**Exercise description:** Print all the data, keeping every line exactly as it is.

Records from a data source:
========================
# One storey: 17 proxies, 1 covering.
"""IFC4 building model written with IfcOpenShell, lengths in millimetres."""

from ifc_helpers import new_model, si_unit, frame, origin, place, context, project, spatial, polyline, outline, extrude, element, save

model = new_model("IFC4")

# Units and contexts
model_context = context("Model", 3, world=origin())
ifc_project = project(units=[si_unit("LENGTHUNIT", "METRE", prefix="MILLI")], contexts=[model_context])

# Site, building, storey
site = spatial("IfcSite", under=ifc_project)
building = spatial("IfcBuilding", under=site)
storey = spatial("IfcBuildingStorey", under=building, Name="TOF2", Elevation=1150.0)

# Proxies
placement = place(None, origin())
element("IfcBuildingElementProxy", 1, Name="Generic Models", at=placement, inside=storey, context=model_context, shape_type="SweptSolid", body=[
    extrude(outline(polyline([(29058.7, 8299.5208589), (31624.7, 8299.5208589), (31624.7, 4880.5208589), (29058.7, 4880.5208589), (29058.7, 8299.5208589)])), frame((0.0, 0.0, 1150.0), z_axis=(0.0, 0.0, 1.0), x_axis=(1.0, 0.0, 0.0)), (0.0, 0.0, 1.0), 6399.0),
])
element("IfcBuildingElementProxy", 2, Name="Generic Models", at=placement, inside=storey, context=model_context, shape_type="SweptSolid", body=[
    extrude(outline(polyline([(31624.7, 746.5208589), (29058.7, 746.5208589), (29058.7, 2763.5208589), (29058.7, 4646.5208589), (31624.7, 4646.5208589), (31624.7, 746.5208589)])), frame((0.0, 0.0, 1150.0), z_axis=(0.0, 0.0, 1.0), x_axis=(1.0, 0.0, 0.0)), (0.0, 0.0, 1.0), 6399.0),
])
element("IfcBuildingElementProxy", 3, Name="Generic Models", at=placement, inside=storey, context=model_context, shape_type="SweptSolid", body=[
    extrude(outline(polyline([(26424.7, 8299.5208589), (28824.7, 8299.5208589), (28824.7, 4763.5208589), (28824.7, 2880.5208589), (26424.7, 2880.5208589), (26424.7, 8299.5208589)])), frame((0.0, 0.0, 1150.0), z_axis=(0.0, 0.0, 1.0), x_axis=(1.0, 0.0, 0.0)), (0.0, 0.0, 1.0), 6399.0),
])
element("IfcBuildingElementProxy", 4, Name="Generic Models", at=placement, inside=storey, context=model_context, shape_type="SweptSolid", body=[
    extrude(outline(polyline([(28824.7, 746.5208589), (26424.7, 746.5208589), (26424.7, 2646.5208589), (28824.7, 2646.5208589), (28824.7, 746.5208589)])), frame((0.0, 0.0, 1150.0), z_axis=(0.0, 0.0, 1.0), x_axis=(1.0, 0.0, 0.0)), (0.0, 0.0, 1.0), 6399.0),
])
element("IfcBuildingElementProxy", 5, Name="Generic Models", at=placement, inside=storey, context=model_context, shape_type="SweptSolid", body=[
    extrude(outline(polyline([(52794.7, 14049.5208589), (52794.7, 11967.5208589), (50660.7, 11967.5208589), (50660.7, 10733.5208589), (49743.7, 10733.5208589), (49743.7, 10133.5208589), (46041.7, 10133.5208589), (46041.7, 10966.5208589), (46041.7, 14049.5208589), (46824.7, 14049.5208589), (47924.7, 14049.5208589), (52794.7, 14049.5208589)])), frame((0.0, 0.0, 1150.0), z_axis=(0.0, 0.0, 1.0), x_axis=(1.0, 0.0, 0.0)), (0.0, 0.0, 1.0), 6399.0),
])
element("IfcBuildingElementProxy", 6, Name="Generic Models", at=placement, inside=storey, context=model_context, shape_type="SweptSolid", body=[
========================
**Response:**
# One storey: 17 proxies, 1 covering.
"""IFC4 building model written with IfcOpenShell, lengths in millimetres."""

from ifc_helpers import new_model, si_unit, frame, origin, place, context, project, spatial, polyline, outline, extrude, element, save

model = new_model("IFC4")

# Units and contexts
model_context = context("Model", 3, world=origin())
ifc_project = project(units=[si_unit("LENGTHUNIT", "METRE", prefix="MILLI")], contexts=[model_context])

# Site, building, storey
site = spatial("IfcSite", under=ifc_project)
building = spatial("IfcBuilding", under=site)
storey = spatial("IfcBuildingStorey", under=building, Name="TOF2", Elevation=1150.0)

# Proxies
placement = place(None, origin())
element("IfcBuildingElementProxy", 1, Name="Generic Models", at=placement, inside=storey, context=model_context, shape_type="SweptSolid", body=[
    extrude(outline(polyline([(29058.7, 8299.5208589), (31624.7, 8299.5208589), (31624.7, 4880.5208589), (29058.7, 4880.5208589), (29058.7, 8299.5208589)])), frame((0.0, 0.0, 1150.0), z_axis=(0.0, 0.0, 1.0), x_axis=(1.0, 0.0, 0.0)), (0.0, 0.0, 1.0), 6399.0),
])
element("IfcBuildingElementProxy", 2, Name="Generic Models", at=placement, inside=storey, context=model_context, shape_type="SweptSolid", body=[
    extrude(outline(polyline([(31624.7, 746.5208589), (29058.7, 746.5208589), (29058.7, 2763.5208589), (29058.7, 4646.5208589), (31624.7, 4646.5208589), (31624.7, 746.5208589)])), frame((0.0, 0.0, 1150.0), z_axis=(0.0, 0.0, 1.0), x_axis=(1.0, 0.0, 0.0)), (0.0, 0.0, 1.0), 6399.0),
])
element("IfcBuildingElementProxy", 3, Name="Generic Models", at=placement, inside=storey, context=model_context, shape_type="SweptSolid", body=[
    extrude(outline(polyline([(26424.7, 8299.5208589), (28824.7, 8299.5208589), (28824.7, 4763.5208589), (28824.7, 2880.5208589), (26424.7, 2880.5208589), (26424.7, 8299.5208589)])), frame((0.0, 0.0, 1150.0), z_axis=(0.0, 0.0, 1.0), x_axis=(1.0, 0.0, 0.0)), (0.0, 0.0, 1.0), 6399.0),
])
element("IfcBuildingElementProxy", 4, Name="Generic Models", at=placement, inside=storey, context=model_context, shape_type="SweptSolid", body=[
    extrude(outline(polyline([(28824.7, 746.5208589), (26424.7, 746.5208589), (26424.7, 2646.5208589), (28824.7, 2646.5208589), (28824.7, 746.5208589)])), frame((0.0, 0.0, 1150.0), z_axis=(0.0, 0.0, 1.0), x_axis=(1.0, 0.0, 0.0)), (0.0, 0.0, 1.0), 6399.0),
])
element("IfcBuildingElementProxy", 5, Name="Generic Models", at=placement, inside=storey, context=model_context, shape_type="SweptSolid", body=[
    extrude(outline(polyline([(52794.7, 14049.5208589), (52794.7, 11967.5208589), (50660.7, 11967.5208589), (50660.7, 10733.5208589), (49743.7, 10733.5208589), (49743.7, 10133.5208589), (46041.7, 10133.5208589), (46041.7, 10966.5208589), (46041.7, 14049.5208589), (46824.7, 14049.5208589), (47924.7, 14049.5208589), (52794.7, 14049.5208589)])), frame((0.0, 0.0, 1150.0), z_axis=(0.0, 0.0, 1.0), x_axis=(1.0, 0.0, 0.0)), (0.0, 0.0, 1.0), 6399.0),
])
element("IfcBuildingElementProxy", 6, Name="Generic Models", at=placement, inside=storey, context=model_context, shape_type="SweptSolid", body=[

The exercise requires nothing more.